Seattle, Washington
It was a feature of the brave new world that, unless you lived in an RV in the middle of the desert, your face was captured on video nearly continuously. One camera kept watch over every ten citizens in the United States.
Benevolent watch, the camera owners were quick to add. But that was before the US Federal government co-opted their hardware, rendering their intentions irrelevant. It was in this way that Bill Fredericks discovered that one Domingo Mondragon, aka Sabot, had it in his mind to fly the coop.
Fredericks liked it when they fled. It triggered his pursuit instinct. He was fat, bald, and recently castrated, from a career perspective, but he still fancied himself a hunter, an alpha male. He ran field agents, and he wasn’t really a field agent himself any longer, but changing times brought their own demands.
His quarry had taken along two boat anchors, in the form of a girlfriend and her mother, which made his job roughly three times easier. It was hard to travel light and unnoticed in a gaggle, particularly when nobody in the gaggle had the slightest notion of how to stay under the radar.
Fredericks had been to the warehouse where Sabot had set up the Bitcoin operation. He had been to the looted apartment where Sabot lived. He’d even been to the old lady’s place, where Fredericks had correctly diagnosed the problem with the spyware. It hadn’t sent a report in half a day, and Fredericks discovered that the virus’ host had died a violent death, evidenced by the trash can full of crushed laptop parts in Connie Fuentes’ garage.
So, in this case, Fredericks figured that two and two likely summed to four, and he had promptly enlisted the help of a computer-savvy agent who he knew would be utterly unruffled by the current economic kerfuffle. He knew this was the case, because the unwashed, unkempt recluse of an agent rarely emerged from his three-bedroom apartment, which he shared with two and a half bedrooms full of computer equipment and a powerful funk.

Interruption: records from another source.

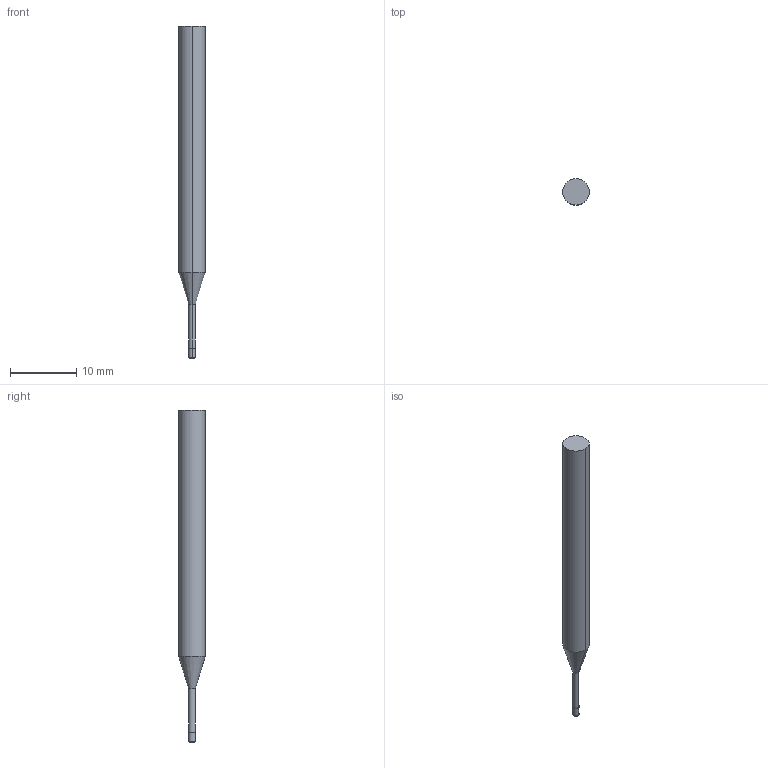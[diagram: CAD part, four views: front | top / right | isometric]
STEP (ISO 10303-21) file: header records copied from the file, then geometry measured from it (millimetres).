
FILE_DESCRIPTION((' '),'2;1');
FILE_NAME( '3MVSM0100R.10N8AH.stp', '2026-01-21T19:27:16', (' '), ('--- Datakit www.datakit.com---'), ' Datakit CrossCadWare V2025.4 Sep 19 2025', 'Mastercam 2027', ' ');
FILE_SCHEMA(('AUTOMOTIVE_DESIGN { 1 0 10303 214 1 1 1 1 }'));
Length unit declared in the file: inch
Products named in the file (1): 3MVSM0100R
Bounding box: 4 x 4 x 50 mm (x, y, z)
Volume: 499.5 mm3; surface area: 544.9 mm2
Topology: 1 solids, 1 shells, 12 faces, 22 edges, 12 vertices
Faces by surface type: cylinder 6, plane 2, torus 2, cone 2
Entity records: 377 total; most frequent: DIRECTION 70, CARTESIAN_POINT 51, ORIENTED_EDGE 44, AXIS2_PLACEMENT_3D 31, EDGE_CURVE 22, CIRCLE 14, VERTEX_POINT 12, EDGE_LOOP 12
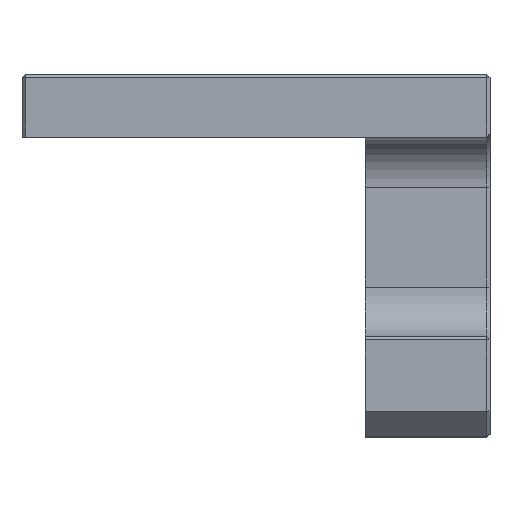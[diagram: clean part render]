
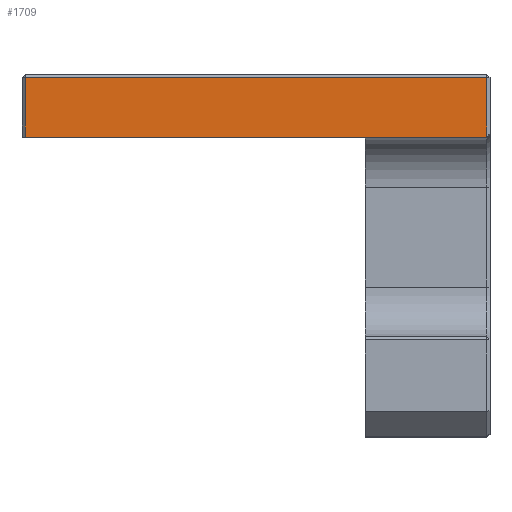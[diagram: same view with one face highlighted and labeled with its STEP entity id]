
A CAD part, top view. The second image highlights one B-rep face of the part: STEP entity #1709.
In plain terms, the highlighted planar face has unit normal (0, 0, 1).
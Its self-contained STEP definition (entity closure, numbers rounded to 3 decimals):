
#386 = DIRECTION ( 'NONE',  ( 1., 0., 0. ) ) ;
#387 = CARTESIAN_POINT ( 'NONE',  ( -75., 48., 75. ) ) ;
#510 = CARTESIAN_POINT ( 'NONE',  ( -74.5, 48., 75. ) ) ;
#519 = DIRECTION ( 'NONE',  ( 0., -1., 0. ) ) ;
#857 = LINE ( 'NONE', #387, #896 ) ;
#874 = FACE_OUTER_BOUND ( 'NONE', #3311, .T. ) ;
#896 = VECTOR ( 'NONE', #386, 1000. ) ;
#923 = VECTOR ( 'NONE', #2001, 1000. ) ;
#925 = VECTOR ( 'NONE', #2003, 1000. ) ;
#926 = LINE ( 'NONE', #2002, #923 ) ;
#928 = LINE ( 'NONE', #2005, #925 ) ;
#1207 = EDGE_CURVE ( 'NONE', #2986, #2673, #2490, .T. ) ;
#1393 = EDGE_CURVE ( 'NONE', #2673, #2657, #857, .T. ) ;
#1395 = AXIS2_PLACEMENT_3D ( 'NONE', #1966, #1959, #1958 ) ;
#1656 = EDGE_CURVE ( 'NONE', #2996, #2986, #928, .T. ) ;
#1657 = EDGE_CURVE ( 'NONE', #2657, #2996, #926, .T. ) ;
#1709 = ADVANCED_FACE ( 'NONE', ( #874 ), #1961, .T. ) ;
#1958 = DIRECTION ( 'NONE',  ( 1., 0., 0. ) ) ;
#1959 = DIRECTION ( 'NONE',  ( 0., 0., 1. ) ) ;
#1961 = PLANE ( 'NONE',  #1395 ) ;
#1966 = CARTESIAN_POINT ( 'NONE',  ( 0., 0., 75. ) ) ;
#2001 = DIRECTION ( 'NONE',  ( 0., 1., 0. ) ) ;
#2002 = CARTESIAN_POINT ( 'NONE',  ( -0.5, 58., 75. ) ) ;
#2003 = DIRECTION ( 'NONE',  ( -1., 0., 0. ) ) ;
#2005 = CARTESIAN_POINT ( 'NONE',  ( -75., 57.5, 75. ) ) ;
#2133 = CARTESIAN_POINT ( 'NONE',  ( -0.5, 57.5, 75. ) ) ;
#2135 = CARTESIAN_POINT ( 'NONE',  ( -74.5, 57.5, 75. ) ) ;
#2222 = CARTESIAN_POINT ( 'NONE',  ( -74.5, 48., 75. ) ) ;
#2237 = CARTESIAN_POINT ( 'NONE',  ( -0.5, 48., 75. ) ) ;
#2489 = VECTOR ( 'NONE', #519, 1000. ) ;
#2490 = LINE ( 'NONE', #510, #2489 ) ;
#2596 = ORIENTED_EDGE ( 'NONE', *, *, #1393, .T. ) ;
#2597 = ORIENTED_EDGE ( 'NONE', *, *, #1657, .T. ) ;
#2598 = ORIENTED_EDGE ( 'NONE', *, *, #1656, .T. ) ;
#2600 = ORIENTED_EDGE ( 'NONE', *, *, #1207, .T. ) ;
#2657 = VERTEX_POINT ( 'NONE', #2237 ) ;
#2673 = VERTEX_POINT ( 'NONE', #2222 ) ;
#2986 = VERTEX_POINT ( 'NONE', #2135 ) ;
#2996 = VERTEX_POINT ( 'NONE', #2133 ) ;
#3311 = EDGE_LOOP ( 'NONE', ( #2596, #2597, #2598, #2600 ) ) ;
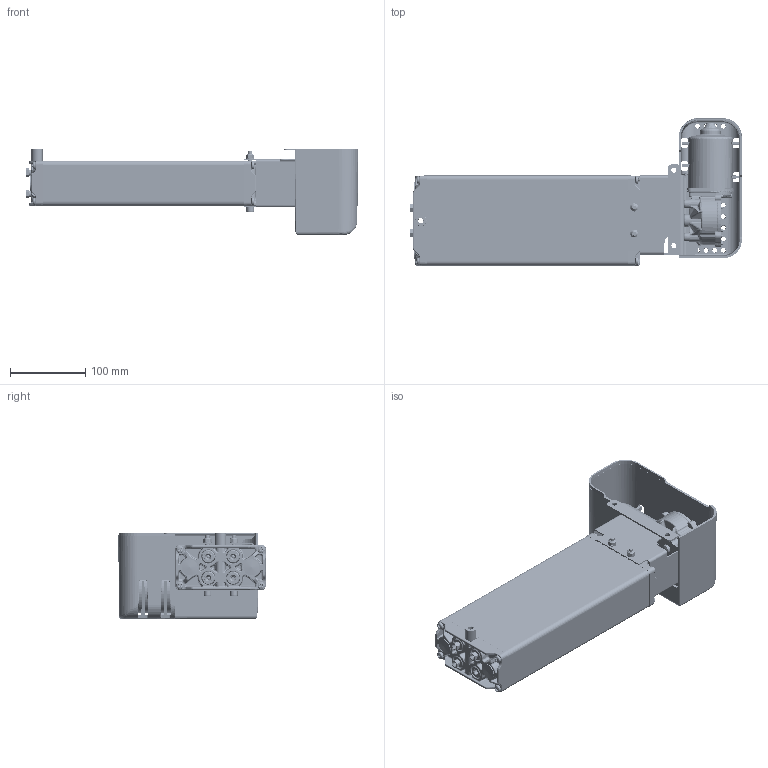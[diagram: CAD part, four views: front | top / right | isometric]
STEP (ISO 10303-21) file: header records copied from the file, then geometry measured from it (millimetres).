
FILE_DESCRIPTION(/* description */ ('Unknown'),/* implementation_level */ '2;1');
FILE_NAME(/* name */ '3X2.20021 Pumpe PB 3815 W mit Antrieb',/* time_stamp */ '2017-09-27T11:25:19+02:00',/* author */ ('Unknown'),/* organization */ ('Unknown'),/* preprocessor_version */ 'ST-DEVELOPER v16.7',/* originating_system */ 'DEX',/* authorisation */ $);
FILE_SCHEMA (('AUTOMOTIVE_DESIGN {1 0 10303 214 3 1 1}'));
Products named in the file (32): 102.20021; 115.00031; 125.00045; 115.00008; 142.00021; 125.00021; 142.00013; 125.00141; 115.00140; 126.00006; 122.00040; 119.00041; 126.00005; 127.00201; 127.00200; 127.00023; 124.00090; Getriebe; Ring; Schraube; Stator; Abdeckplatte; Antriebswelle; 128.00051; 123.00031; 142.00018; 142.00019; 142.00025; 142.00131; 123.00029; 142.00057; 142.00110
Assembly tree (47 placements, depth 3):
  102.20021
    115.00031  x3
      125.00045
      115.00008
      142.00021
      125.00021
    142.00013  x8
    125.00045
    125.00141
    115.00140
      126.00006
      122.00040
    119.00041
    126.00005
    127.00201
      127.00200
      127.00023
    124.00090
      Getriebe
      Ring
      Schraube
      Stator
      Abdeckplatte
      Antriebswelle
    128.00051
    123.00031
    142.00018  x2
    142.00019  x2
    142.00025  x2
    142.00131  x3
    123.00029
    142.00057
    142.00110  x2
Bounding box: 441.42 x 196.04 x 115.45 mm (x, y, z)
Volume: 924008.1 mm3; surface area: 575026.9 mm2
Topology: 46 solids, 48 shells, 4758 faces, 12062 edges, 7306 vertices
Faces by surface type: bspline 1367, plane 1288, cylinder 1258, cone 479, torus 267, sphere 99
Full cylindrical faces by diameter (mm): 2.5 x4, 3.2 x4, 3.5 x4, 3.9 x5, 4.1 x3, 4.2 x6, 4.4 x5, 4.5 x1, 4.917 x2, 5 x8, 5.5 x5, 6 x6, 6.4 x2, 6.8 x5, 6.917 x8, 7 x1, 8 x8, 8.5 x6, 9 x2, 9.5 x1, 9.8 x8, 10 x8, 10.3 x1, 10.32 x1, 10.4 x1, 11 x5, 14 x2, 14.4 x4, 15 x1, 15.8 x2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
Entity records: 203050 total; most frequent: CARTESIAN_POINT 106128, ORIENTED_EDGE 19232, DIRECTION 14257, EDGE_CURVE 9616, VERTEX_POINT 6197, AXIS2_PLACEMENT_3D 5612, FACE_BOUND 4605, EDGE_LOOP 4600
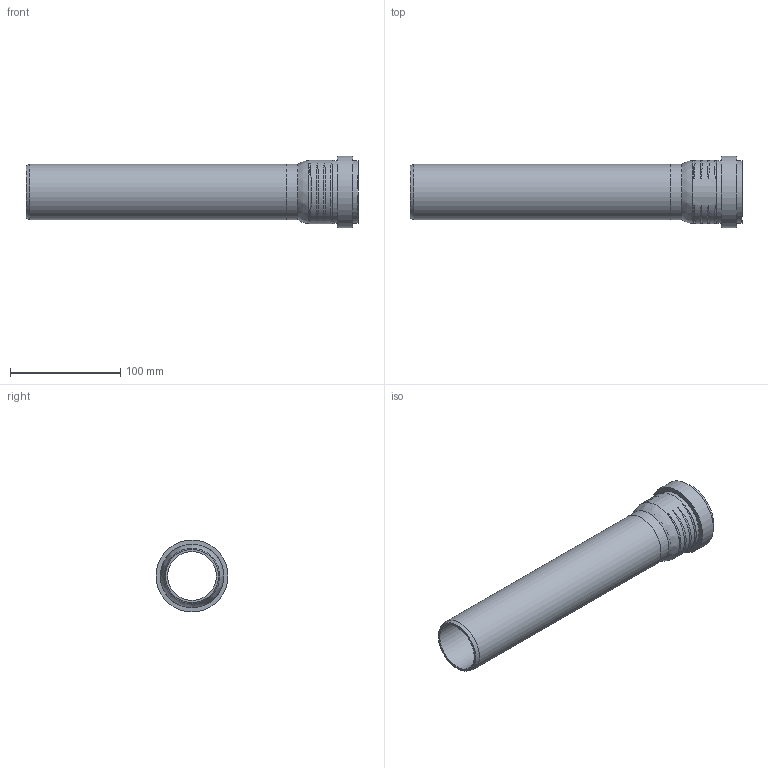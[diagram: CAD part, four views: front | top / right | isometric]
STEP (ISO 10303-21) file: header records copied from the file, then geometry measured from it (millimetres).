
FILE_DESCRIPTION(/* description */ (''),/* implementation_level */ '2;1');
FILE_NAME(/* name */ 'H:\Geberit-Teile\Export\PP_Rohr\stp\393201.stp',/* time_stamp */ '2017-02-13T16:05:00+01:00',/* author */ ('seihe2'),/* organization */ (''),/* preprocessor_version */ 'ST-DEVELOPER v15.2',/* originating_system */ 'Autodesk Inventor 2014',/* authorisation */ '');
FILE_SCHEMA (('AUTOMOTIVE_DESIGN { 1 0 10303 214 3 1 1 }'));
Length unit declared in the file: millimetre
Products named in the file (1): 393201
Bounding box: 300.8 x 65.1 x 65.1 mm (x, y, z)
Volume: 144978.7 mm3; surface area: 100889.6 mm2
Topology: 2 solids, 2 shells, 38 faces, 82 edges, 57 vertices
Faces by surface type: torus 16, cylinder 10, plane 8, cone 2, bspline 2
Full cylindrical faces by diameter (mm): 44.15 x2, 50.15 x2, 50.8 x1, 52 x1, 56.3 x1, 57.5 x1, 59.9 x1, 65.1 x1
Entity records: 2101 total; most frequent: CARTESIAN_POINT 1309, DIRECTION 132, ORIENTED_EDGE 130, EDGE_LOOP 68, AXIS2_PLACEMENT_3D 66, EDGE_CURVE 65, VERTEX_POINT 57, STYLED_ITEM 40

The agent generally avoided opening the door, except to accept delivery of food, prostitutes, or computer gear, and he didn’t care much who paid him for services rendered.
All of that made him pretty much the ideal asset.
Two Bitcoins and thirty minutes later, Fredericks hopped back in his car and pulled away from Connie Fuentes’ residence, heading north, geo coordinates in hand, Canada his destination for the second time in as many days.